On TV: TRIBAL JUSTICE

Coming to PBS’s POV this coming Monday, August 21:
TRIBAL JUSTICE

Director:
Anne Makepeace

Premiere:
Santa Barbara 2017

Select Festivals:
Brooklyn, Berkshire, Big Sky Doc, Full Frame, Woods Hole

About:
A portrait of two Native American tribal court judges in California.

Makepeace’s film explores the tribal court system of the two largest tribes in California, the Yurok in the north and the Quechan in the South, through the caseloads of Abby (Yurok) and Claudette (Quechan). Because the tribes are sovereign nations, they are able to work with the California state courts in many cases to take over jurisdiction of certain matters related to their tribespeople.
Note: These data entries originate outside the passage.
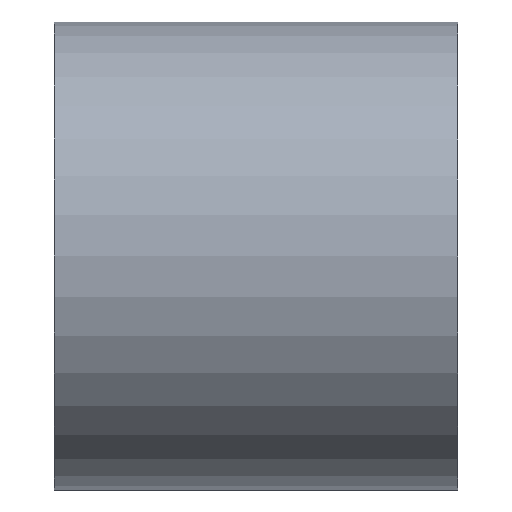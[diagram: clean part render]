
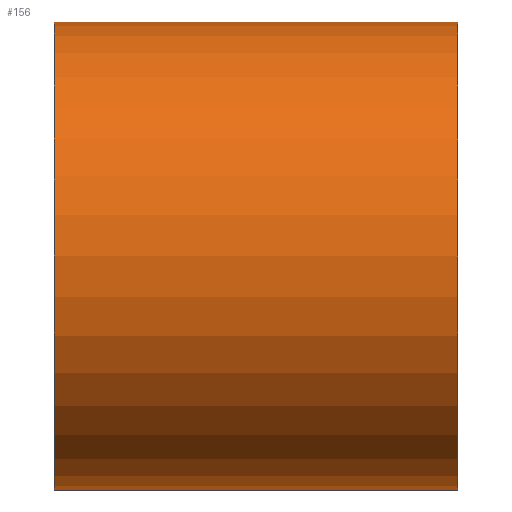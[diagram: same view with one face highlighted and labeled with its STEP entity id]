
A CAD part, front view. The second image highlights one B-rep face of the part: STEP entity #156.
In plain terms, the highlighted cylindrical face has radius 725 mm (diameter 1450 mm), a partial arc.
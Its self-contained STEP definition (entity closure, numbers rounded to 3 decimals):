
#156=ADVANCED_FACE('',(#308),#309,.T.);
#308=FACE_OUTER_BOUND('',#495,.T.);
#309=CYLINDRICAL_SURFACE('',#496,725.0);
#495=EDGE_LOOP('',(#891,#892,#893,#894));
#496=AXIS2_PLACEMENT_3D('',#895,#896,#897);
#891=ORIENTED_EDGE('',*,*,#995,.T.);
#892=ORIENTED_EDGE('',*,*,#1168,.F.);
#893=ORIENTED_EDGE('',*,*,#997,.T.);
#894=ORIENTED_EDGE('',*,*,#1169,.F.);
#895=CARTESIAN_POINT('',(0.0,0.0,0.0));
#896=DIRECTION('',(1.0,0.0,0.0));
#897=DIRECTION('',(0.0,0.0,-1.0));
#995=EDGE_CURVE('',#1173,#1174,#1175,.T.);
#997=EDGE_CURVE('',#1178,#1176,#1179,.T.);
#1168=EDGE_CURVE('',#1178,#1174,#1434,.T.);
#1169=EDGE_CURVE('',#1173,#1176,#1435,.T.);
#1173=VERTEX_POINT('',#1439);
#1174=VERTEX_POINT('',#1440);
#1175=LINE('',#1441,#1442);
#1176=VERTEX_POINT('',#1443);
#1178=VERTEX_POINT('',#1445);
#1179=LINE('',#1446,#1447);
#1434=CIRCLE('',#1744,725.0);
#1435=CIRCLE('',#1745,725.0);
#1439=CARTESIAN_POINT('',(-625.0,0.0,-725.0));
#1440=CARTESIAN_POINT('',(625.0,0.0,-725.0));
#1441=CARTESIAN_POINT('',(0.0,0.,-725.0));
#1442=VECTOR('',#1748,1.0);
#1443=CARTESIAN_POINT('',(-625.0,0.,725.0));
#1445=CARTESIAN_POINT('',(625.0,0.,725.0));
#1446=CARTESIAN_POINT('',(0.0,0.,725.0));
#1447=VECTOR('',#1752,1.0);
#1744=AXIS2_PLACEMENT_3D('',#2050,#2051,#2052);
#1745=AXIS2_PLACEMENT_3D('',#2053,#2054,#2055);
#1748=DIRECTION('',(1.0,0.0,0.0));
#1752=DIRECTION('',(-1.0,-0.0,-0.0));
#2050=CARTESIAN_POINT('',(625.0,0.0,0.0));
#2051=DIRECTION('',(1.0,0.0,0.0));
#2052=DIRECTION('',(0.0,0.0,-1.0));
#2053=CARTESIAN_POINT('',(-625.0,0.0,0.0));
#2054=DIRECTION('',(-1.0,0.0,0.0));
#2055=DIRECTION('',(0.0,0.0,-1.0));

In contrast to conventional Western conceptions of the judicial system as a place for punishment, the tribal court system instead practices restorative justice, with the aim to reform offenders or issues within the community so that they can escape from cyclical patterns of recidivism and crime. While Abby largely deals with community matters – addiction, substance abuse, child welfare – Claudette’s story is more complicated in that also herself becomes part of the court system as the guardian of her wayward nephew, Isaac, a 17-year-old just steps away from becoming another statistic in state prison. Makepeace takes a no-frills but effective approach, and benefits from two appealing protagonists, in exploring the possibilities – and limits – of restorative vs punitive justice.